Notably, the first step in claiming the ERC is determining eligibility. For the most part, the tests are the same: a taxpayer becomes eligible for the credit when (1) its business operations are fully or partially suspended by a government shutdown order; or (2) it sees a significant drop in gross receipts compared to 2019.

Application of the first test is complex and involves a careful analysis of different factors, such as whether the taxpayer is an essential business and whether employees can feasibly work from home. The second test is easier to decipher. For 2020 credits, the taxpayer must see a 50% drop in gross receipts when comparing any quarter in 2020 to the same quarter in 2019. For 2021 credits, the drop need only be 20%.

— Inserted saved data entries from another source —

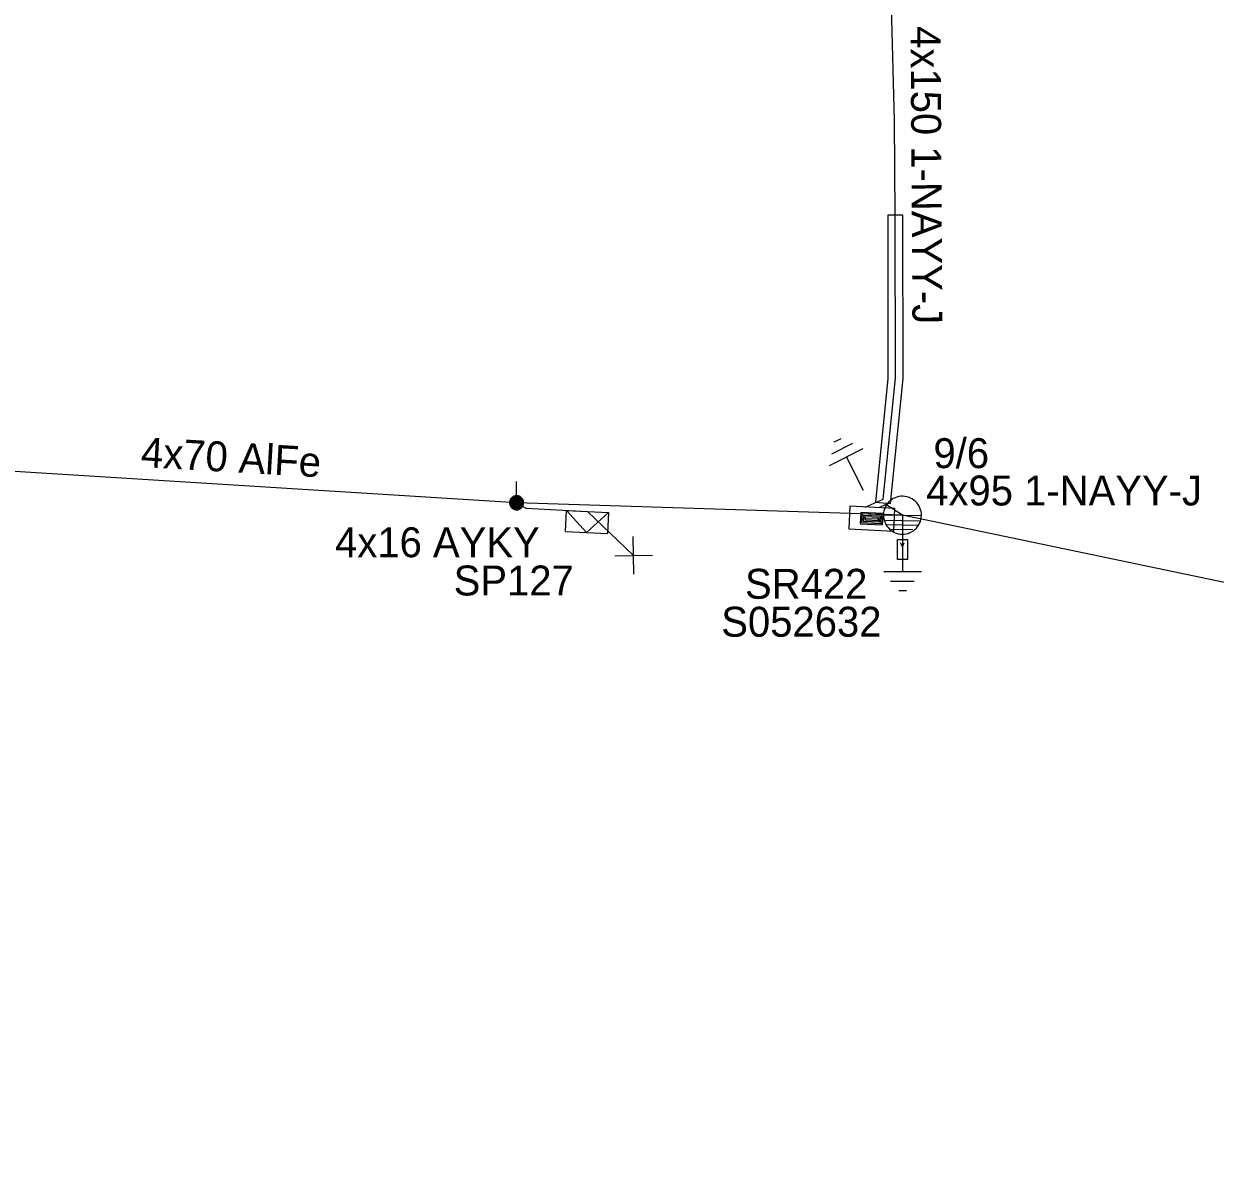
# Model space of a CAD drawing. Extents: x -762504 to -761250, y -1152974 to -1152253.
# Drawn here: x -761487.02 to -761447.44, y -1152551.93 to -1152514.18 of the extents above; entities that cross this region are included whole.
import ezdxf

# ---------------------------------------------------------------- set-up
doc = ezdxf.new("R2010")
doc.units = 0
for name, color, linetype in [('Vrstva 1', 7, 'Continuous'), ('Vrstva 12', 7, 'Continuous'), ('Vrstva 13', 7, 'Continuous'), ('Vrstva 15', 7, 'Continuous'), ('Vrstva 16', 7, 'Continuous'), ('Vrstva 2', 7, 'Continuous'), ('Vrstva 20', 7, 'Continuous'), ('Vrstva 28', 7, 'Continuous'), ('Vrstva 29', 7, 'Continuous'), ('Vrstva 30', 7, 'Continuous'), ('Vrstva 31', 7, 'Continuous'), ('Vrstva 33', 7, 'Continuous'), ('Vrstva 34', 7, 'Continuous'), ('Vrstva 5', 7, 'Continuous'), ('Vrstva 52', 7, 'Continuous'), ('Vrstva 54', 7, 'Continuous'), ('Vrstva 59', 7, 'Continuous'), ('Vrstva 6', 7, 'Continuous')]:
    doc.layers.add(name, color=color, linetype=linetype)

msp = doc.modelspace()

# ---------------------------------------------------------------- linework, layer by layer
at = {"layer": 'Vrstva 1'}
for points in [[(-761457.83, -1152530.5), (-761470.65, -1152530.09), (-761495.14, -1152528.56)], [(-761359.26, -1152551.93), (-761388.43, -1152542.63), (-761419.76, -1152537.7), (-761438.71, -1152534.5), (-761457.83, -1152530.5)]]:
    msp.add_lwpolyline(points, dxfattribs=at)
at = {"layer": 'Vrstva 13'}
for points in [[(-761470.65, -1152529.856), (-761470.65, -1152529.386)], [(-761470.415, -1152530.091), (-761470.416, -1152530.067), (-761470.42, -1152530.042), (-761470.426, -1152530.019), (-761470.435, -1152529.996), (-761470.446, -1152529.974), (-761470.459, -1152529.953), (-761470.475, -1152529.934), (-761470.492, -1152529.917), (-761470.511, -1152529.901), (-761470.532, -1152529.888), (-761470.554, -1152529.877), (-761470.577, -1152529.868), (-761470.601, -1152529.861), (-761470.625, -1152529.858), (-761470.65, -1152529.856), (-761470.674, -1152529.858), (-761470.698, -1152529.861), (-761470.722, -1152529.868), (-761470.745, -1152529.877), (-761470.767, -1152529.888), (-761470.788, -1152529.901), (-761470.807, -1152529.917), (-761470.824, -1152529.934), (-761470.84, -1152529.953), (-761470.853, -1152529.974), (-761470.864, -1152529.996), (-761470.873, -1152530.019), (-761470.879, -1152530.042), (-761470.883, -1152530.067), (-761470.885, -1152530.091), (-761470.883, -1152530.116), (-761470.879, -1152530.14), (-761470.873, -1152530.164), (-761470.864, -1152530.187), (-761470.853, -1152530.209), (-761470.84, -1152530.229), (-761470.824, -1152530.248), (-761470.807, -1152530.266), (-761470.788, -1152530.281), (-761470.767, -1152530.295), (-761470.745, -1152530.306), (-761470.722, -1152530.315), (-761470.698, -1152530.321), (-761470.674, -1152530.325), (-761470.65, -1152530.326), (-761470.625, -1152530.325), (-761470.601, -1152530.321), (-761470.577, -1152530.315), (-761470.554, -1152530.306), (-761470.532, -1152530.295), (-761470.511, -1152530.281), (-761470.492, -1152530.266), (-761470.475, -1152530.248), (-761470.459, -1152530.229), (-761470.446, -1152530.209), (-761470.435, -1152530.187), (-761470.426, -1152530.164), (-761470.42, -1152530.14), (-761470.416, -1152530.116), (-761470.415, -1152530.091)], [(-761470.415, -1152530.091), (-761470.416, -1152530.067), (-761470.42, -1152530.042), (-761470.426, -1152530.019), (-761470.435, -1152529.996), (-761470.446, -1152529.974), (-761470.459, -1152529.953), (-761470.475, -1152529.934), (-761470.492, -1152529.917), (-761470.511, -1152529.901), (-761470.532, -1152529.888), (-761470.554, -1152529.877), (-761470.577, -1152529.868), (-761470.601, -1152529.861), (-761470.625, -1152529.858), (-761470.65, -1152529.856), (-761470.674, -1152529.858), (-761470.698, -1152529.861), (-761470.722, -1152529.868), (-761470.745, -1152529.877), (-761470.767, -1152529.888), (-761470.788, -1152529.901), (-761470.807, -1152529.917), (-761470.824, -1152529.934), (-761470.84, -1152529.953), (-761470.853, -1152529.974), (-761470.864, -1152529.996), (-761470.873, -1152530.019), (-761470.879, -1152530.042), (-761470.883, -1152530.067), (-761470.885, -1152530.091), (-761470.883, -1152530.116), (-761470.879, -1152530.14), (-761470.873, -1152530.164), (-761470.864, -1152530.187), (-761470.853, -1152530.209), (-761470.84, -1152530.229), (-761470.824, -1152530.248), (-761470.807, -1152530.266), (-761470.788, -1152530.281), (-761470.767, -1152530.295), (-761470.745, -1152530.306), (-761470.722, -1152530.315), (-761470.698, -1152530.321), (-761470.674, -1152530.325), (-761470.65, -1152530.326), (-761470.625, -1152530.325), (-761470.601, -1152530.321), (-761470.577, -1152530.315), (-761470.554, -1152530.306), (-761470.532, -1152530.295), (-761470.511, -1152530.281), (-761470.492, -1152530.266), (-761470.475, -1152530.248), (-761470.459, -1152530.229), (-761470.446, -1152530.209), (-761470.435, -1152530.187), (-761470.426, -1152530.164), (-761470.42, -1152530.14), (-761470.416, -1152530.116), (-761470.415, -1152530.091)], [(-761470.444, -1152530.091), (-761470.445, -1152530.07), (-761470.449, -1152530.049), (-761470.454, -1152530.028), (-761470.462, -1152530.008), (-761470.472, -1152529.989), (-761470.483, -1152529.97), (-761470.497, -1152529.954), (-761470.512, -1152529.939), (-761470.529, -1152529.925), (-761470.547, -1152529.913), (-761470.566, -1152529.904), (-761470.586, -1152529.896), (-761470.607, -1152529.89), (-761470.628, -1152529.887), (-761470.65, -1152529.886), (-761470.671, -1152529.887), (-761470.692, -1152529.89), (-761470.713, -1152529.896), (-761470.733, -1152529.904), (-761470.752, -1152529.913), (-761470.77, -1152529.925), (-761470.787, -1152529.939), (-761470.802, -1152529.954), (-761470.816, -1152529.97), (-761470.827, -1152529.989), (-761470.837, -1152530.008), (-761470.845, -1152530.028), (-761470.85, -1152530.049), (-761470.854, -1152530.07), (-761470.855, -1152530.091), (-761470.854, -1152530.113), (-761470.85, -1152530.134), (-761470.845, -1152530.155), (-761470.837, -1152530.175), (-761470.827, -1152530.194), (-761470.816, -1152530.212), (-761470.802, -1152530.229), (-761470.787, -1152530.244), (-761470.77, -1152530.257), (-761470.752, -1152530.269), (-761470.733, -1152530.279), (-761470.713, -1152530.287), (-761470.692, -1152530.292), (-761470.671, -1152530.295), (-761470.65, -1152530.297), (-761470.628, -1152530.295), (-761470.607, -1152530.292), (-761470.586, -1152530.287), (-761470.566, -1152530.279), (-761470.547, -1152530.269), (-761470.529, -1152530.257), (-761470.512, -1152530.244), (-761470.497, -1152530.229), (-761470.483, -1152530.212), (-761470.472, -1152530.194), (-761470.462, -1152530.175), (-761470.454, -1152530.155), (-761470.449, -1152530.134), (-761470.445, -1152530.113), (-761470.444, -1152530.091)], [(-761470.474, -1152530.091), (-761470.475, -1152530.073), (-761470.478, -1152530.055), (-761470.482, -1152530.037), (-761470.489, -1152530.02), (-761470.497, -1152530.003), (-761470.507, -1152529.988), (-761470.519, -1152529.974), (-761470.532, -1152529.961), (-761470.546, -1152529.949), (-761470.562, -1152529.939), (-761470.578, -1152529.931), (-761470.595, -1152529.924), (-761470.613, -1152529.919), (-761470.631, -1152529.916), (-761470.65, -1152529.915), (-761470.668, -1152529.916), (-761470.686, -1152529.919), (-761470.704, -1152529.924), (-761470.721, -1152529.931), (-761470.737, -1152529.939), (-761470.753, -1152529.949), (-761470.767, -1152529.961), (-761470.78, -1152529.974), (-761470.792, -1152529.988), (-761470.802, -1152530.003), (-761470.81, -1152530.02), (-761470.817, -1152530.037), (-761470.822, -1152530.055), (-761470.824, -1152530.073), (-761470.825, -1152530.091), (-761470.824, -1152530.11), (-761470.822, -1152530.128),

Finally, for 2020, taxpayers with more than 100 full-time employees could only claim the ERC with respect to employees that were not providing services during the time of economic hardship (i.e., shutdown or drop in gross receipts). Taxpayers with 100 or less could claim the credit for each employee, regardless of whether they were working or not. For 2021, the 100-employee threshold is increased to 500, which permits “bigger” businesses to claim a bigger credit.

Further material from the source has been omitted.